Moreover, note that practically any particular type of data presented above (maybe apart the last, special ones) can be used to form more complex structures, like vectors (single dimensional arrays of determined length; reference to an element is through its position), lists (linear sequence of elements of unlimited length; due to its recursive structure, only first element of a list (the so-called head of the list) can be referenced directly, reference to the other elements is performed in a recursive way through removing subsequent heads every time leaving the rest of the list (its tail), arrays (tables, matrices) (two or more dimensional tabular representation forms) and other record-like structures or frames (practically any possible structures composed of fields connected into a more complex form; any field has usually at least name, type, and value, but may have also some particular properties (e.g. default value) or specialised procedures assigned to it).

Depending on the type of input knowledge, specific problems may occur. Further, any type of data require specific pre-processing. It is important to realise that data acquired during process supervision are not free of errors and specific problems. Further, it is important to distinguish and comprehend these problems. Only if this is the case detection and identification of problem concerning specific data can be undertaken. And finally, when specific problems are identified, further decision concerning possible corrections, updating and use can be made.

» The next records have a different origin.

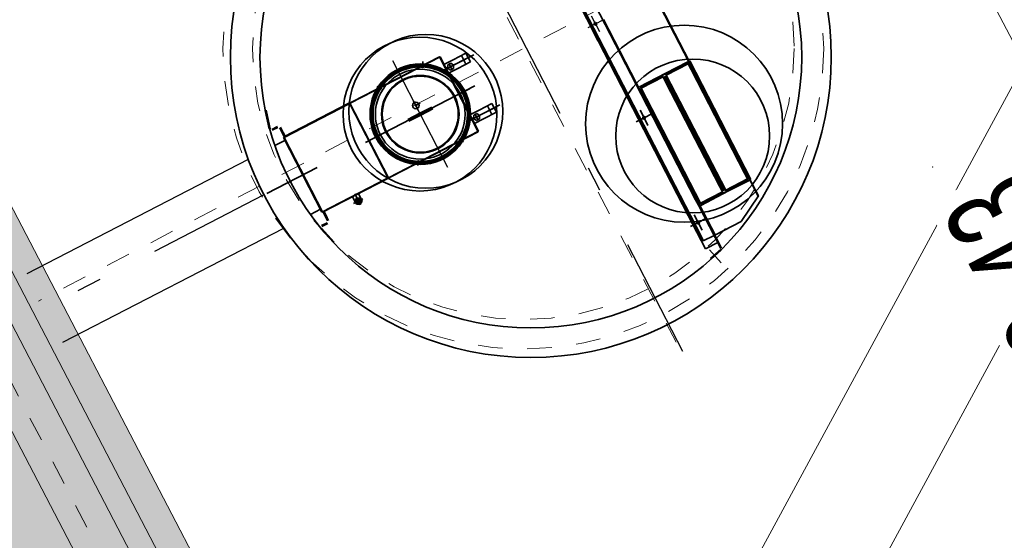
# Model space of a CAD drawing. Header units: metres. Extents: x -535942 to -530626, y -1087729 to -1086275.
# Tile 117 of 247: x -534208.32 to -534204.32, y -1086921.54 to -1086919.42. Entities that reach past the tile are written whole.
import ezdxf

# ---------------------------------------------------------------- set-up
doc = ezdxf.new("R2010")
doc.units = ezdxf.units.M
for name, pattern in [('A_CARA_07', [7, 5, -2]), ('A_CARA_15', [7.6, 5, -1.3, 0, -1.3]), ('ACAD_ISO10W100', [18, 12, -3, 0, -3]), ('DASHDOT', [1, 0.5, -0.25, 0, -0.25]), ('DASHED', [19.05, 12.7, -6.35])]:
    doc.linetypes.add(name, pattern=pattern)
for name, color, linetype in [('18', 7, 'Continuous'), ('_blok SS sítě', 7, 'Continuous'), ('_blok zaměření - nové', 7, 'Continuous'), ('_externi reference', 7, 'Continuous'), ('AG srafy budovy', 21, 'Continuous'), ('PROSPECT_neviditelná', 8, 'DASHED'), ('PROSPECT_osa', 8, 'DASHDOT')]:
    doc.layers.add(name, color=color, linetype=linetype)
for name, color, linetype, lineweight in [('AG voda chladící vratna', 120, 'HP_02_921CHVV', 13), ('AG_koty souradnice značky', 240, 'Continuous', 13), ('CA_LEHOPL', 93, 'Continuous', 35), ('CA_OSY', 5, 'A_CARA_15', 18), ('CA_POHHRA25', 7, 'Continuous', 25), ('CA_REZY', 1, 'Continuous', 50), ('PROSPECT_technologie - nová', 150, 'Continuous', 35)]:
    doc.layers.add(name, color=color, linetype=linetype, lineweight=lineweight)
doc.layers.add('AG_Demolice', color=7, linetype='Continuous', lineweight=25, true_color=0xff8000)
doc.styles.add('PM-Poznámka', font='ARIALN.TTF', dxfattribs={"width": 0.8})
doc.styles.get("Standard").update_dxf_attribs({"font": 'ARIALN.TTF'})
doc.linetypes.add('HP_02_921CHVV', pattern='A,0.5,-1.2,-6.5,[3,hpfmlin.shx,S=1,R=0,X=0,Y=0],-0.8,["CHVV",Standard,S=1.7,R=0,X=3,Y=-0.8],-9,2,-1,0.5', length=21.5)
doc.dimstyles.new('RP_Poznámkový', dxfattribs={"dimscale": 0, "dimtxt": 2, "dimasz": 2, "dimexe": 0, "dimexo": 5, "dimgap": 0.5, "dimtad": 1, "dimzin": 1, "dimtxsty": 'PM-Poznámka', "dimblk": 'ARCHTICK', "dimcen": 2.5, "dimclrd": 256, "dimclre": 256, "dimclrt": 256, "dimadec": 5, "dimazin": 0, "dimtm": 1e-09, "dimtfac": 1, "dimtmove": 1, "dimatfit": 3, "dimldrblk": 'CLOSEDBLANK', "dimfxl": 10, "dimfxlon": 1, "dimtfill": 1, "dimlwd": 13, "dimlwe": 13, "dimarcsym": 0})

# ---------------------------------------------------------------- blocks, each defined once
blk = doc.blocks.new('ss prumyslová voda')
at = {"layer": 'AG voda chladící vratna', "color": 251, "lineweight": 13}
for points in [[(-534478.219, -1087102.922), (-534477.666, -1087102.752), (-534477.325, -1087102.284), (-534483.2835, -1087083.9992), (-534417.317, -1087066.3034), (-534381.4689, -1087048.6075), (-534375.1816, -1087032.1286), (-534241.3978, -1086962.0043), (-534225.3428, -1086944.043), (-534213.8769, -1086938.3854), (-534201.189, -1086914.9179), (-534201.4423, -1086914.416)], [(-534384.9708, -1087028.357), (-534383.6619, -1087028.0595), (-534375.321, -1087031.3807), (-534241.5626, -1086961.4338), (-534225.8031, -1086944.0012), (-534214.1614, -1086937.9334), (-534201.6577, -1086914.8342), (-534201.7783, -1086914.5855)]]:
    blk.add_lwpolyline(points, dxfattribs=at)
blk = doc.blocks.new('doměř')
at = {"layer": '18', "color": 252, "linetype": 'Continuous', "lineweight": 13}
blk.add_point((-534204.61, -1086920.02), dxfattribs=at)
blk = doc.blocks.new('Zaměření - zekan')
at = {"layer": '_blok zaměření - nové', "lineweight": -3}
blk.add_blockref('doměř', (0, 0), dxfattribs=at)
blk = doc.blocks.new('A$Ca185f1d1')
at = {"layer": 'AG srafy budovy', "transparency": 33554559}
h = blk.add_hatch(color=256, dxfattribs=at)
h.dxf.hatch_style = 1
h.paths.add_polyline_path([(-330, -8830), (11830, -8830), (11830, 330), (-330, 330)])
at = {"layer": 'CA_LEHOPL', "color": 240, "lineweight": 13}
for p, q in [((11710, -8705), (11710, 205)), ((11610, -8605), (11610, 105))]:
    blk.add_line(p, q, dxfattribs=at)
at = {"layer": 'CA_OSY', "color": 240, "lineweight": 13}
blk.add_lwpolyline([(0, -8500), (11500, -8500), (11500, 0), (0, 0)], close=True, dxfattribs=at)
at = {"layer": 'CA_POHHRA25', "color": 240, "linetype": 'ACAD_ISO10W100', "lineweight": 13, "ltscale": 0.5}
for p, q in [((13970, -4051.7), (13970, -6738.4)), ((14764.2, -5395.1), (11750, -5395.1))]:
    blk.add_line(p, q, dxfattribs=at)
at = {"layer": 'CA_POHHRA25', "color": 240, "lineweight": 13}
blk.add_lwpolyline([(-330, -8830), (11830, -8830), (11830, 330), (-330, 330)], close=True, dxfattribs=at)
blk.add_lwpolyline([(6075, -95), (90, -95), (90, -8405), (11410, -8405), (11410, -95), (8925, -95)], dxfattribs=at)
at = {"layer": 'CA_POHHRA25', "color": 240, "linetype": 'A_CARA_07', "lineweight": 13}
for radius in [1220, 1100]:
    blk.add_circle((13970, -5395.1), radius, dxfattribs=at)
blk = doc.blocks.new('A$C881cb249')
at = {"layer": 'PROSPECT_neviditelná'}
for p, q in [((8.9413, 8.2946), (9.8389, 8.758)), ((9.0858, 8.0147), (9.9834, 8.478))]:
    blk.add_line(p, q, dxfattribs=at)
at = {"layer": 'PROSPECT_osa'}
for p, q in [((10.37, 10.3666), (11.6024, 7.9792)), ((11.2487, 9.3084), (11.2325, 9.3397)), ((11.2487, 9.3084), (11.28, 9.3246)), ((11.2487, 9.3084), (11.2173, 9.2922)), ((11.2487, 9.3084), (11.2173, 9.2922)), ((11.2487, 9.3084), (11.2648, 9.2771)), ((10.6493, 8.724), (10.4251, 9.1583)), ((9.9021, 8.6133), (9.0135, 8.1546))]:
    blk.add_line(p, q, dxfattribs=at)
at = {"layer": 'PROSPECT_technologie - nová'}
for p, q in [((11.6273, 9.1544), (11.3424, 9.7062)), ((11.6286, 9.1562), (11.3447, 9.7062)), ((11.3781, 9.0097), (11.0802, 9.5869)), ((11.2017, 9.3641), (11.3594, 9.0586)), ((11.2034, 9.3651), (11.3611, 9.0595)), ((11.4344, 9.0222), (11.2461, 9.3871)), ((11.2814, 9.3253), (11.4371, 9.0236)), ((10.6174, 9.1739), (10.2522, 8.9853)), ((10.6147, 9.1747), (10.2628, 8.9931)), ((10.6147, 9.1747), (10.7725, 8.869)), ((10.6174, 9.1739), (10.7734, 8.8717)), ((10.6254, 9.116), (10.7548, 9.1828)), ((10.6708, 9.162), (10.6335, 9.1427)), ((10.7223, 9.1886), (10.6708, 9.162)), ((10.7301, 9.1701), (10.6974, 9.1532)), ((10.7061, 9.1764), (10.7213, 9.1469)), ((10.7223, 9.1886), (10.7407, 9.1531)), ((11.6286, 9.1562), (11.6313, 9.1576)), ((11.8799, 8.676), (11.6313, 9.1576)), ((10.5462, 9.1319), (10.5473, 9.1549)), ((10.5462, 9.1319), (10.547, 9.1499)), ((10.6335, 9.1427), (10.6518, 9.1072)), ((10.6443, 9.1258), (10.6765, 9.1425)), ((10.6481, 9.1278), (10.6488, 9.1416)), ((10.6598, 9.1203), (10.6481, 9.1278)), ((10.6488, 9.1416), (10.6611, 9.148)), ((10.6518, 9.1072), (10.6891, 9.1264)), ((10.6536, 9.1474), (10.6673, 9.1209)), ((10.6721, 9.1266), (10.6598, 9.1203)), ((10.6611, 9.148), (10.6727, 9.1405)), ((10.6727, 9.1405), (10.6721, 9.1266)), ((10.6891, 9.1264), (10.7407, 9.1531)), ((11.5335, 9.1049), (11.6233, 9.1512)), ((11.5341, 9.1074), (11.6241, 9.1539)), ((11.6224, 9.1485), (11.5353, 9.1036)), ((11.6252, 9.1454), (11.5363, 9.0996)), ((11.6252, 9.1454), (11.6233, 9.149)), ((11.6371, 9.1223), (11.6252, 9.1454)), ((11.63, 9.1491), (11.6273, 9.1544)), ((11.6424, 9.1295), (11.6286, 9.1562)), ((11.6406, 9.1242), (11.6292, 9.1464)), ((11.6406, 9.1286), (11.63, 9.1491)), ((11.8545, 8.7011), (11.6371, 9.1223)), ((11.6424, 9.1295), (11.6406, 9.1286)), ((11.8617, 8.7003), (11.6406, 9.1286)), ((11.858, 8.703), (11.6406, 9.1242)), ((11.8634, 8.7012), (11.6424, 9.1295)), ((11.4278, 9.0525), (11.5341, 9.1074)), ((11.5335, 9.1049), (11.4305, 9.0517)), ((11.5202, 9.0958), (11.4332, 9.0508)), ((11.523, 9.0927), (11.4341, 9.0468)), ((11.523, 9.0927), (11.5212, 9.0961)), ((11.5349, 9.0696), (11.523, 9.0927)), ((11.7735, 8.6312), (11.5332, 9.0968)), ((11.5447, 9.0746), (11.5332, 9.0968)), ((11.5363, 9.0996), (11.5345, 9.103)), ((11.7776, 8.6322), (11.5363, 9.0996)), ((10.7593, 9.0558), (10.315, 8.8265)), ((10.3765, 9.0443), (10.3613, 9.054)), ((10.3765, 9.0443), (10.3638, 9.0524)), ((10.7366, 9.0441), (10.7064, 9.0285)), ((10.7212, 9.0192), (10.7074, 9.0461)), ((11.3594, 9.0586), (11.3832, 9.0124)), ((11.6565, 8.4873), (11.3611, 9.0595)), ((11.4283, 9.0449), (11.6705, 8.5758)), ((11.6714, 8.5785), (11.431, 9.0441)), ((11.4341, 9.0468), (11.4323, 9.0503)), ((11.6754, 8.5794), (11.4341, 9.0468)), ((11.7523, 8.6484), (11.5349, 9.0696)), ((11.7621, 8.6534), (11.5447, 9.0746)), ((10.7069, 9.0287), (10.7229, 9.037)), ((11.6258, 8.5299), (11.3781, 9.0097)), ((11.3832, 9.0124), (11.6309, 8.5325)), ((11.4389, 9.0245), (11.4344, 9.0222)), ((11.4344, 9.0222), (11.6555, 8.5939)), ((11.4371, 9.0236), (11.6582, 8.5953)), ((10.2628, 8.9931), (9.9829, 8.8486)), ((9.9829, 8.8486), (10.2477, 8.9853)), ((10.2486, 8.9835), (9.9838, 8.8468)), ((10.2531, 8.9836), (10.2513, 8.9871)), ((10.2513, 8.9826), (10.4054, 8.6841)), ((10.2522, 8.9853), (10.2517, 8.9851)), ((10.2531, 8.9836), (10.4072, 8.685)), ((10.5188, 8.9767), (10.5099, 8.994)), ((10.5188, 8.9767), (10.5362, 8.9856)), ((10.5188, 8.9767), (10.5278, 8.9594)), ((10.5354, 8.9447), (10.5842, 8.9699)), ((10.539, 8.9376), (10.5879, 8.9628)), ((10.7309, 8.9117), (10.8603, 8.9785)), ((10.7763, 8.9576), (10.739, 8.9384)), ((10.8278, 8.9842), (10.7763, 8.9576)), ((10.8356, 8.9657), (10.8029, 8.9488)), ((10.8116, 8.972), (10.8268, 8.9426)), ((10.8278, 8.9842), (10.8462, 8.9487)), ((11.4458, 8.9265), (11.4296, 8.9578)), ((9.9116, 8.957), (9.9077, 8.9561)), ((9.9077, 8.9561), (9.9241, 8.8811)), ((9.9116, 8.957), (9.9279, 8.8821)), ((10.5354, 8.9447), (10.4865, 8.9195)), ((10.539, 8.9376), (10.4902, 8.9124)), ((10.739, 8.9384), (10.7573, 8.9028)), ((10.7498, 8.9214), (10.782, 8.9381)), ((10.7536, 8.9234), (10.7542, 8.9372)), ((10.7653, 8.9159), (10.7536, 8.9234)), ((10.7542, 8.9372), (10.7666, 8.9436)), ((10.7573, 8.9028), (10.7946, 8.9221)), ((10.7591, 8.943), (10.7728, 8.9165)), ((10.7776, 8.9223), (10.7653, 8.9159)), ((10.7666, 8.9436), (10.7782, 8.9361)), ((10.7782, 8.9361), (10.7776, 8.9223)), ((10.7946, 8.9221), (10.8462, 8.9487)), ((11.4458, 8.9265), (11.4145, 8.9104)), ((11.4458, 8.9265), (11.4771, 8.9427)), ((11.4458, 8.9265), (11.462, 8.8952)), ((9.9337, 8.8794), (9.9575, 8.8917)), ((9.9355, 8.8759), (9.9584, 8.8877)), ((9.9665, 8.8851), (9.9849, 8.8496)), ((9.9696, 8.8879), (9.9751, 8.8772)), ((9.9803, 8.8673), (9.9751, 8.8772)), ((9.9884, 8.8514), (9.9803, 8.8673)), ((9.9821, 8.8459), (9.9838, 8.8468)), ((10.138, 8.5438), (9.9821, 8.8459)), ((9.9829, 8.8486), (9.9838, 8.8468)), ((10.1398, 8.5447), (9.9838, 8.8468)), ((9.9849, 8.8496), (9.9884, 8.8514)), ((10.3675, 8.8535), (10.3515, 8.8453)), ((10.7734, 8.8717), (10.4081, 8.6832)), ((10.7725, 8.869), (10.4206, 8.6874)), ((10.6979, 8.838), (10.7131, 8.8282)), ((9.9878, 8.8348), (9.9466, 8.8135)), ((11.5026, 8.7702), (11.5018, 8.7698)), ((11.6992, 8.7752), (11.7028, 8.777)), ((9.9134, 8.6192), (10.1184, 8.725)), ((10.5282, 8.7504), (10.5274, 8.7324)), ((11.597, 8.7224), (11.6006, 8.7242)), ((10.138, 8.5438), (10.4046, 8.6814)), ((10.4206, 8.6874), (10.1407, 8.5429)), ((10.1407, 8.5429), (10.4055, 8.6796)), ((10.4072, 8.685), (10.4091, 8.6814)), ((10.4081, 8.6832), (10.4077, 8.683)), ((11.7776, 8.6322), (11.8664, 8.678)), ((11.8664, 8.678), (11.8545, 8.7011)), ((11.8695, 8.6807), (11.858, 8.703)), ((11.8634, 8.7012), (11.8617, 8.7003)), ((11.8722, 8.6799), (11.8617, 8.7003)), ((11.8772, 8.6746), (11.8634, 8.7012)), ((11.8664, 8.678), (11.8683, 8.6745)), ((11.875, 8.6746), (11.8722, 8.6799)), ((11.8749, 8.679), (11.9107, 8.6097)), ((11.7642, 8.6253), (11.7523, 8.6484)), ((11.7735, 8.6312), (11.7621, 8.6534)), ((11.7803, 8.6291), (11.8674, 8.674)), ((11.7865, 8.63), (11.8701, 8.6732)), ((11.8728, 8.6723), (11.7892, 8.6292)), ((11.875, 8.6746), (11.9094, 8.6078)), ((11.8772, 8.6746), (11.8799, 8.676)), ((10.2742, 8.5819), (10.2623, 8.605)), ((10.2795, 8.6011), (10.2716, 8.5888)), ((10.2941, 8.6004), (10.2795, 8.6011)), ((10.2982, 8.5943), (10.286, 8.6179)), ((10.2951, 8.5927), (10.2866, 8.5981)), ((10.3008, 8.5874), (10.2941, 8.6004)), ((11.6754, 8.5794), (11.7642, 8.6253)), ((11.6764, 8.5709), (11.7892, 8.6292)), ((11.7865, 8.63), (11.6772, 8.5736)), ((11.6781, 8.5763), (11.7652, 8.6213)), ((11.7642, 8.6253), (11.7661, 8.6217)), ((11.7776, 8.6322), (11.7793, 8.6287)), ((10.2716, 8.5888), (10.2783, 8.5758)), ((10.2778, 8.5935), (10.2773, 8.5835)), ((10.2773, 8.5835), (10.2857, 8.5781)), ((10.2783, 8.5758), (10.2929, 8.5751)), ((10.2857, 8.5781), (10.2946, 8.5827)), ((10.2929, 8.5751), (10.3008, 8.5874)), ((10.2946, 8.5827), (10.2951, 8.5927)), ((11.6599, 8.5962), (11.6555, 8.5939)), ((11.667, 8.5717), (11.6555, 8.5939)), ((11.6696, 8.5731), (11.6582, 8.5953)), ((11.7582, 8.395), (11.667, 8.5717)), ((11.6696, 8.5731), (11.7609, 8.3963)), ((11.6696, 8.5731), (11.7329, 8.4504)), ((11.6732, 8.5704), (11.6705, 8.5758)), ((11.6732, 8.5704), (11.7347, 8.4513)), ((11.6754, 8.5794), (11.6772, 8.5759)), ((10.1323, 8.5549), (10.0911, 8.5336)), ((10.1398, 8.5447), (10.1407, 8.5429)), ((10.161, 8.5084), (10.1427, 8.5439)), ((10.1462, 8.5458), (10.1544, 8.5299)), ((10.1544, 8.5299), (10.1595, 8.52)), ((10.165, 8.5093), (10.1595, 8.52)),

In order to be more precise when speaking about data, data quality and finally knowledge generation and representation, some model of data representation should be accepted for the sake of making the discussion well-founded. In further part some simple, most commonly used approach based on attributes and relational databases is recalled, logic, graphs, fuzzy sets, etc. are outlined.

As the numeric, symbolic and qualitative data seem to be most common types of input data, specific attention will be put to building a common representation model. Basing on this model specific problems of data acquisition and pre-processing will be discussed.